- **WORK REQUIRED**
Pull each line containing "CENTERLINE" out of the data and copy it.

- **GIVEN RECORDS**
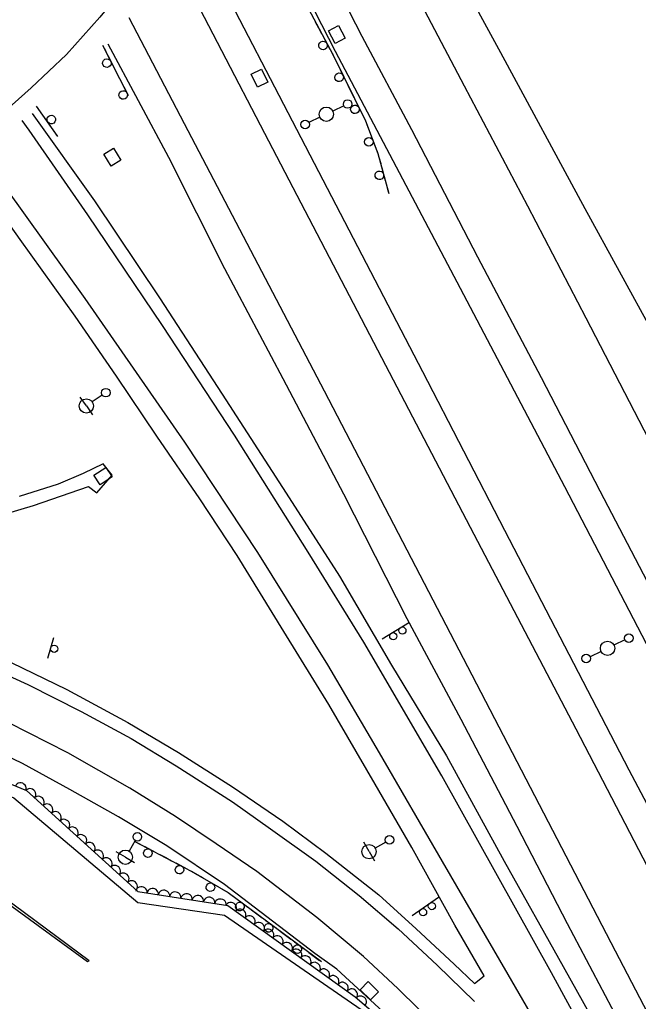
# Model space of a CAD drawing. Extents: x 1722896 to 1754269, y 648279 to 666297.
# Drawn here: x 1726225.2 to 1726441.6, y 656701.6 to 657044.9 of the extents above; entities that cross this region are included whole.
import ezdxf

# ---------------------------------------------------------------- set-up
doc = ezdxf.new("R2010")
doc.units = 0
for name, color, linetype in [('DESIGN - CENTERLINE - Proposed', 7, 'Continuous'), ('DESIGN - PUBLIC HEARING - Shapes', 7, 'Continuous'), ('DESIGN - SCRATCH - User 1', 7, 'Continuous'), ('SURVEY - CENTERLINE - Preliminary', 7, 'Continuous'), ('SURVEY - CENTERLINE - Preliminary Text', 7, 'Continuous'), ('SURVEY - DRAINAGE - Natural Features', 7, 'Continuous'), ('SURVEY - DTM - Breaklines', 7, 'Continuous'), ('SURVEY - VEGETATION - Features with Text', 7, 'Continuous')]:
    doc.layers.add(name, color=color, linetype=linetype)

msp = doc.modelspace()

# ---------------------------------------------------------------- linework, layer by layer
at = {"layer": 'DESIGN - CENTERLINE - Proposed'}
for points in [[(1726336.34, 657239.56), (1726335.85, 657234.17), (1726334.1, 657219.02), (1726331.97, 657204.04), (1726328.28, 657187.84), (1726324.59, 657174.56), (1726320.16, 657160.36), (1726314.83, 657145.47), (1726308.39, 657130.86), (1726298.36, 657111.05), (1726289.02, 657094.33), (1726279.06, 657078.76), (1726265.29, 657060.47), (1726253.26, 657045.74), (1726241.52, 657032.71), (1726229.17, 657021.1), (1726216.99, 657010.16), (1726204.86, 657000.63), (1726186.88, 656988.27), (1726159.99, 656972.72), (1726137.09, 656961.13), (1726130.93, 656977.52), (1726127.9, 656984.14)], [(1726214.65, 656870.46), (1726230, 656875.05), (1726249.24, 656881.65), (1726252.17, 656879.38), (1726257.47, 656885.55), (1726254.38, 656889.52), (1726247.4, 656886.15), (1726238.65, 656882.48), (1726225.01, 656878.12)]]:
    msp.add_lwpolyline(points, dxfattribs=at)
at = {"layer": 'DESIGN - PUBLIC HEARING - Shapes'}
for p, q in [((1726351.95, 656828.33), (1726361.48, 656834.21)), ((1726235.03, 656821.6), (1726237.08, 656828.81)), ((1726362.44, 656731.6), (1726371.65, 656737.98))]:
    msp.add_line(p, q, dxfattribs=at)
for centre in [(1726359.04, 656831.26), (1726355.85, 656829.29), (1726237.24, 656824.89), (1726369.36, 656734.9), (1726366.28, 656732.77)]:
    msp.add_circle(centre, 1.25, dxfattribs=at)
at = {"layer": 'DESIGN - SCRATCH - User 1'}
for points in [[(1726300.52, 657097.35), (1726317.67, 657064.73), (1726334.67, 657032.68), (1726346.08, 657009.55), (1726350.49, 656998.14), (1726354.25, 656984.08)], [(1726328.58, 657044.15), (1726329.69, 657042.07)], [(1726329.69, 657042.07), (1726330.79, 657039.99)], [(1726331.54, 657038.58), (1726333.69, 657034.52)], [(1726254.2, 657035.92), (1726263.14, 657018.42)], [(1726254.2, 657035.92), (1726255.27, 657033.83)], [(1726255.99, 657032.41), (1726258.08, 657028.31)], [(1726334.44, 657033.1), (1726334.67, 657032.68), (1726335.49, 657031)], [(1726335.49, 657031), (1726336.53, 657028.89)], [(1726258.81, 657026.88), (1726259.88, 657024.79)], [(1726337.24, 657027.46), (1726339.28, 657023.33)], [(1726259.88, 657024.79), (1726260.95, 657022.7)], [(1726261.68, 657021.27), (1726263.14, 657018.42)], [(1726339.99, 657021.9), (1726341.03, 657019.79)], [(1726341.03, 657019.79), (1726342.06, 657017.69)], [(1726238.57, 657003.99), (1726231.1, 657014.63)], [(1726231.39, 657014.22), (1726231.1, 657014.63)], [(1726232.74, 657012.3), (1726231.39, 657014.22)], [(1726342.77, 657016.25), (1726344.81, 657012.12)], [(1726236.3, 657007.22), (1726233.66, 657010.99)], [(1726345.52, 657010.69), (1726346.08, 657009.55), (1726346.47, 657008.54)], [(1726346.47, 657008.54), (1726347.32, 657006.35)], [(1726238.57, 657003.99), (1726237.22, 657005.91)], [(1726347.89, 657004.86), (1726349.55, 657000.57)], [(1726350.13, 656999.08), (1726350.49, 656998.14), (1726350.84, 656996.84)], [(1726350.84, 656996.84), (1726351.45, 656994.57)], [(1726351.86, 656993.03), (1726353.05, 656988.58)], [(1726353.46, 656987.04), (1726354.07, 656984.77)], [(1726354.07, 656984.77), (1726354.25, 656984.08)], [(1726249.47, 656715.75), (1726211.79, 656743.68), (1726162.39, 656766.61), (1726137.6, 656777.55), (1726069.98, 656806.17), (1726046.01, 656816.85), (1726045.57, 656815.7), (1726161.06, 656765.71), (1726211.26, 656742.87), (1726248.87, 656715.49), (1726249.47, 656715.75)], [(1726265.19, 656757.67), (1726285.17, 656747.17), (1726298.08, 656739.67), (1726330.71, 656715.48)], [(1726265.19, 656757.67), (1726267.27, 656756.57)], [(1726268.68, 656755.83), (1726272.76, 656753.69)], [(1726274.17, 656752.95), (1726276.25, 656751.85)], [(1726276.25, 656751.85), (1726278.33, 656750.76)], [(1726279.75, 656750.02), (1726283.82, 656747.88)], [(1726285.24, 656747.13), (1726287.27, 656745.95)], [(1726287.27, 656745.95), (1726289.3, 656744.77)], [(1726290.69, 656743.96), (1726294.66, 656741.66)], [(1726296.05, 656740.85), (1726298.08, 656739.67)], [(1726298.08, 656739.67), (1726298.08, 656739.67), (1726299.97, 656738.27)], [(1726301.25, 656737.32), (1726304.95, 656734.58)], [(1726306.23, 656733.63), (1726308.12, 656732.23)], [(1726308.12, 656732.23), (1726310.01, 656730.83)], [(1726311.29, 656729.88), (1726314.99, 656727.14)], [(1726316.28, 656726.18), (1726318.16, 656724.78)], [(1726318.16, 656724.78), (1726320.05, 656723.39)], [(1726321.34, 656722.43), (1726325.03, 656719.69)], [(1726326.32, 656718.74), (1726328.21, 656717.34)], [(1726328.21, 656717.34), (1726330.09, 656715.94)]]:
    msp.add_lwpolyline(points, dxfattribs=at)
for centre, start, end in [((1726331.28, 657035.86), 141.2018, 141.1919), ((1726255.69, 657029.69), 140.3187, 140.3089), ((1726336.9, 657024.75), 139.5287, 139.5189), ((1726261.38, 657018.56), 140.3187, 140.3089), ((1726342.44, 657013.54), 139.5287, 139.5189), ((1726236.22, 657009.95), 328.3477, 328.3379), ((1726347.32, 657002.19), 134.4072, 134.3974), ((1726351, 656990.44), 128.2266, 128.2168), ((1726270, 656753.44), 175.5455, 175.5357), ((1726281.07, 656747.63), 175.5455, 175.5357), ((1726291.9, 656741.52), 173.1142, 173.1044), ((1726302.19, 656734.76), 166.7141, 166.7043), ((1726312.23, 656727.31), 166.7141, 166.7043), ((1726322.27, 656719.87), 166.7141, 166.7043)]:
    msp.add_arc(centre, 1.5, start, end, dxfattribs=at)
at = {"layer": 'SURVEY - CENTERLINE - Preliminary'}
msp.add_lwpolyline([(1725980.81, 656872.89), (1726034.49, 656842.13), (1726056.93, 656830.56), (1726095.65, 656825.65), (1726143.31, 656805.13), (1726191.06, 656786.33), (1726223.1, 656772.71), (1726266.45, 656736.2), (1726296.76, 656731.72), (1726344.67, 656698.77)], dxfattribs=at)
at = {"layer": 'SURVEY - CENTERLINE - Preliminary Text'}
for points in [[(1726321.06, 657135.55), (1726330.91, 657116.8), (1726354.12, 657072.38), (1726380.68, 657021.77), (1726402.77, 656979.83), (1726423.17, 656940.57), (1726445.11, 656898.28), (1726465.03, 656860.32), (1726483.95, 656823.87), (1726504.35, 656784.57), (1726525.87, 656742.82), (1726534.48, 656726.51)], [(1726676.38, 656404.13), (1726658.36, 656438.38), (1726636.1, 656480.78), (1726618.69, 656514.06), (1726599.78, 656550.74), (1726576.8, 656594.64), (1726555.39, 656635.56), (1726536.68, 656671.98), (1726515.38, 656712.52), (1726496.19, 656749.9), (1726476.32, 656788.28), (1726452.93, 656832.72), (1726428.24, 656880.04), (1726407.64, 656919.69), (1726385.46, 656961.83), (1726362.29, 657006.32), (1726344.94, 657039.05), (1726320.6, 657086.5), (1726308.43, 657109.72)], [(1726302.22, 657098.99), (1726335.58, 657033.86), (1726379.19, 656951.04), (1726415.75, 656881.68), (1726444.29, 656826.75), (1726477.18, 656763.56), (1726496.31, 656726.61), (1726533.76, 656654.36), (1726571.36, 656583.59), (1726608.38, 656511.09), (1726640.51, 656449.86), (1726668.91, 656395.2)], [(1726363.05, 657089.17), (1726393.37, 657033.4), (1726422.9, 656978.85), (1726458.86, 656913.12), (1726493.2, 656849.37), (1726512.03, 656815.68), (1726522.51, 656794), (1726538.22, 656767.51), (1726542.45, 656769.31), (1726531.62, 656797.03), (1726523.33, 656818.04), (1726492.04, 656903.51), (1726480.06, 656937.96), (1726467.88, 656976.52), (1726457.98, 657009.32), (1726438.46, 657074.57)], [(1726651.4, 656374.16), (1726598.53, 656474.34), (1726558.16, 656552.13), (1726520.73, 656624.6), (1726476.33, 656710.67), (1726438.33, 656782.43), (1726394.85, 656866.27), (1726366.17, 656921.69), (1726329.83, 656991.69), (1726286.74, 657074.5)], [(1726643.74, 656365.44), (1726629.93, 656391.75), (1726603.35, 656443.36), (1726578.36, 656491.4), (1726552.8, 656540.06), (1726525.16, 656593.38), (1726495.87, 656650.11), (1726458.83, 656721.63), (1726419.78, 656796.81), (1726382.86, 656867.28), (1726351.86, 656926.58), (1726310.95, 657005.08), (1726280.81, 657062.96), (1726279.35, 657065.74)], [(1726263.38, 657045.6), (1726282.74, 657008.63), (1726331.64, 656915.04), (1726381.79, 656818.69), (1726433.5, 656719.23), (1726497.16, 656597.18), (1726500.23, 656591.28)], [(1726434.46, 656695.15), (1726416.83, 656728.68), (1726399.2, 656762.79), (1726379.57, 656800.14), (1726360.73, 656835.41), (1726338.51, 656878.96), (1726317.35, 656919.29), (1726296.98, 656957.8), (1726277.32, 656996.71), (1726256.09, 657036.31)], [(1726229.52, 657012.11), (1726251.4, 656981.54), (1726274.03, 656947.56), (1726295.95, 656913.9), (1726318.44, 656879.3), (1726337.04, 656850.25), (1726355.2, 656819.12), (1726374.46, 656787.51), (1726394.69, 656750.58), (1726415.26, 656713.77), (1726433.56, 656681)], [(1726481.62, 656582.27), (1726453.32, 656634.33), (1726411.18, 656711.56), (1726372.8, 656780.44), (1726345.54, 656827.22), (1726326.12, 656858.68), (1726300.34, 656899.64), (1726275.09, 656937.95), (1726249.04, 656976.67), (1726228.46, 657006.3), (1726226.07, 657009.58)], [(1726210.88, 656998.63), (1726220.36, 656985.94), (1726248.01, 656947.33), (1726282.87, 656897.19), (1726308.31, 656858.51), (1726332.89, 656819.27), (1726350.96, 656788.55), (1726372.92, 656750.47), (1726395.92, 656710.99), (1726417.3, 656674.1), (1726443.3, 656628.81), (1726467.46, 656585.72), (1726441.8, 656628.94), (1726430.39, 656646.1)], [(1726218.39, 656821.98), (1726241.63, 656810.69), (1726263.02, 656799.1), (1726280.67, 656788.63), (1726299.62, 656776.66), (1726317.26, 656764.56), (1726332.27, 656753.43), (1726350.76, 656738.8), (1726363.84, 656726.95), (1726377.18, 656714.58), (1726384.21, 656707.81), (1726387.61, 656710.53), (1726377.36, 656728.27), (1726362.3, 656755.37), (1726349.53, 656777.56), (1726333.29, 656805.37), (1726317.57, 656830.91), (1726301.28, 656857.46), (1726288.21, 656877.33), (1726273.17, 656899.19), (1726259.05, 656920.17), (1726244.53, 656941.16), (1726225.32, 656968.01), (1726206.52, 656994.34)], [(1725979.23, 656905.62), (1726006.04, 656892.22), (1726029.81, 656881.51), (1726058.65, 656870.47), (1726087.72, 656860.74), (1726123.58, 656850.15), (1726142.05, 656844.9), (1726164.08, 656838.02), (1726182.71, 656831.47), (1726207.72, 656821.61), (1726228, 656812.4), (1726246.67, 656802.94), (1726264.12, 656793.53), (1726279.95, 656784.01), (1726299.6, 656771.42), (1726312.94, 656761.93), (1726328.78, 656750.59), (1726343.89, 656738.64), (1726357.55, 656726.94), (1726371.25, 656714.25), (1726384.23, 656701.56)], [(1726371.9, 656691.92), (1726357.46, 656706.09), (1726345.4, 656717.32), (1726329.07, 656730.95), (1726308.12, 656746.95), (1726293.93, 656756.73), (1726279.69, 656766.22), (1726263.74, 656776.12), (1726241.96, 656788.56), (1726221.35, 656799.04), (1726207.85, 656805.11), (1726189.84, 656812.85), (1726174.16, 656818.5), (1726154.26, 656825.27), (1726131.6, 656831.63), (1726109.72, 656838.32), (1726093.69, 656842.88), (1726073.22, 656849.3), (1726057.11, 656854.66), (1726040.42, 656860.73), (1726017.33, 656870.2), (1725994.59, 656880.66)], [(1726352.31, 656697.89), (1726336.06, 656712.89), (1726328.42, 656718.28), (1726296.86, 656742.41), (1726276.68, 656756.02), (1726259.74, 656766.17), (1726242.74, 656775.67), (1726226.19, 656784.77), (1726205.19, 656794.75), (1726188.45, 656801.88), (1726166.48, 656809.9), (1726144.5, 656817.54), (1726120.44, 656824.12), (1726094.64, 656831.86), (1726066.88, 656840.39), (1726039.66, 656850.42), (1726017.72, 656858.46), (1725985.19, 656873.58)]]:
    msp.add_lwpolyline(points, dxfattribs=at)
at = {"layer": 'SURVEY - DRAINAGE - Natural Features'}
for p, q in [((1726336.09, 657039.73), (1726336.09, 657039.73)), ((1726309.09, 657024.42), (1726309.09, 657024.42)), ((1726257.6, 656996.81), (1726257.6, 656996.81)), ((1726254.3, 656885.27), (1726254.3, 656885.27)), ((1726347.47, 656705.31), (1726347.47, 656705.31))]:
    msp.add_line(p, q, dxfattribs=at)
for points in [[(1726333.16, 657041.02), (1726336.7, 657042.88), (1726339.03, 657038.45), (1726335.49, 657036.59), (1726333.16, 657041.02)], [(1726306.2, 657025.8), (1726309.8, 657027.54), (1726311.97, 657023.04), (1726308.37, 657021.3), (1726306.2, 657025.8)], [(1726254.59, 656997.91), (1726258.01, 656999.99), (1726260.6, 656995.71), (1726257.18, 656993.64), (1726254.59, 656997.91)], [(1726253.33, 656882.22), (1726251.11, 656885.55), (1726255.28, 656888.32), (1726257.49, 656884.99), (1726253.33, 656882.22)], [(1726344.29, 656705.64), (1726347.1, 656708.49), (1726350.65, 656704.97), (1726347.84, 656702.13), (1726344.29, 656705.64)]]:
    msp.add_lwpolyline(points, dxfattribs=at)
at = {"layer": 'SURVEY - DTM - Breaklines'}
for p, q in [((1726338.54, 657014.74), (1726334.7, 657012.9)), ((1726330.19, 657010.74), (1726326.36, 657008.9)), ((1726254.08, 656913.6), (1726250.57, 656911.22)), ((1726248.5, 656909.81), (1726246.39, 656912.91)), ((1726248.5, 656909.81), (1726250.61, 656906.71)), ((1726436.88, 656827.97), (1726433.05, 656826.13)), ((1726428.55, 656823.96), (1726424.71, 656822.12)), ((1726265.57, 656757.83), (1726263.42, 656754.17)), ((1726347.37, 656753.96), (1726345.51, 656757.21)), ((1726353.23, 656757.31), (1726349.54, 656755.2)), ((1726262.15, 656752.01), (1726258.92, 656753.91)), ((1726347.37, 656753.96), (1726349.23, 656750.7)), ((1726262.15, 656752.01), (1726265.38, 656750.11))]:
    msp.add_line(p, q, dxfattribs=at)
for centre, radius in [((1726339.89, 657015.39), 1.5), ((1726332.45, 657011.82), 2.5), ((1726325.01, 657008.25), 1.5), ((1726255.32, 656914.45), 1.5), ((1726248.5, 656909.81), 2.5), ((1726438.24, 656828.62), 1.5), ((1726430.8, 656825.05), 2.5), ((1726423.36, 656821.47), 1.5), ((1726266.33, 656759.12), 1.5), ((1726354.53, 656758.06), 1.5), ((1726347.37, 656753.96), 2.5), ((1726262.15, 656752.01), 2.5)]:
    msp.add_circle(centre, radius, dxfattribs=at)
at = {"layer": 'SURVEY - VEGETATION - Features with Text'}
msp.add_lwpolyline([(1725990.12, 656870.89), (1726056.06, 656835.04), (1726098.28, 656827.17), (1726154.6, 656805.45), (1726227.51, 656775.29), (1726266.51, 656740.01), (1726297.96, 656735.11), (1726342.54, 656703.21), (1726363.23, 656685.49)], dxfattribs=at)
for centre, major_axis in [((1726225.51, 656776.11), (1.85, -0.76)), ((1726228.87, 656774.06), (1.48, -1.34)), ((1726231.84, 656771.37), (1.48, -1.34)), ((1726234.81, 656768.69), (1.48, -1.34)), ((1726237.77, 656766.01), (1.48, -1.34)), ((1726240.74, 656763.32), (1.48, -1.34)), ((1726243.7, 656760.64), (1.48, -1.34)), ((1726246.67, 656757.96), (1.48, -1.34)), ((1726249.64, 656755.27), (1.48, -1.34)), ((1726252.6, 656752.59), (1.48, -1.34)), ((1726255.57, 656749.9), (1.48, -1.34)), ((1726258.54, 656747.22), (1.48, -1.34)), ((1726261.5, 656744.54), (1.48, -1.34)), ((1726264.47, 656741.85), (1.48, -1.34)), ((1726267.74, 656739.81), (1.98, -0.31)), ((1726271.69, 656739.2), (1.98, -0.31)), ((1726275.65, 656738.58), (1.98, -0.31)), ((1726279.6, 656737.97), (1.98, -0.31)), ((1726283.55, 656737.35), (1.98, -0.31)), ((1726287.5, 656736.74), (1.98, -0.31)), ((1726291.46, 656736.12), (1.98, -0.31)), ((1726295.41, 656735.51), (1.98, -0.31)), ((1726299.11, 656734.28), (1.63, -1.16)), ((1726302.37, 656731.96), (1.63, -1.16)), ((1726305.62, 656729.63), (1.63, -1.16)), ((1726308.87, 656727.3), (1.63, -1.16)), ((1726312.13, 656724.97), (1.63, -1.16)), ((1726315.38, 656722.65), (1.63, -1.16)), ((1726318.63, 656720.32), (1.63, -1.16)), ((1726321.89, 656717.99), (1.63, -1.16)), ((1726325.14, 656715.66), (1.63, -1.16)), ((1726328.39, 656713.34), (1.63, -1.16)), ((1726331.64, 656711.01), (1.63, -1.16)), ((1726334.9, 656708.68), (1.63, -1.16)), ((1726338.15, 656706.35), (1.63, -1.16)), ((1726341.4, 656704.03), (1.63, -1.16)), ((1726344.52, 656701.52), (1.52, -1.3))]:
    msp.add_ellipse(centre, major_axis=major_axis, ratio=0.940188, start_param=0, end_param=3.141593, dxfattribs=at)

doc.saveas('drawing.dxf')

- **ANSWER BOX**
for name, color, linetype in [('DESIGN - CENTERLINE - Proposed', 7, 'Continuous'), ('DESIGN - PUBLIC HEARING - Shapes', 7, 'Continuous'), ('DESIGN - SCRATCH - User 1', 7, 'Continuous'), ('SURVEY - CENTERLINE - Preliminary', 7, 'Continuous'), ('SURVEY - CENTERLINE - Preliminary Text', 7, 'Continuous'), ('SURVEY - DRAINAGE - Natural Features', 7, 'Continuous'), ('SURVEY - DTM - Breaklines', 7, 'Continuous'), ('SURVEY - VEGETATION - Features with Text', 7, 'Continuous')]:
at = {"layer": 'DESIGN - CENTERLINE - Proposed'}
at = {"layer": 'SURVEY - CENTERLINE - Preliminary'}
at = {"layer": 'SURVEY - CENTERLINE - Preliminary Text'}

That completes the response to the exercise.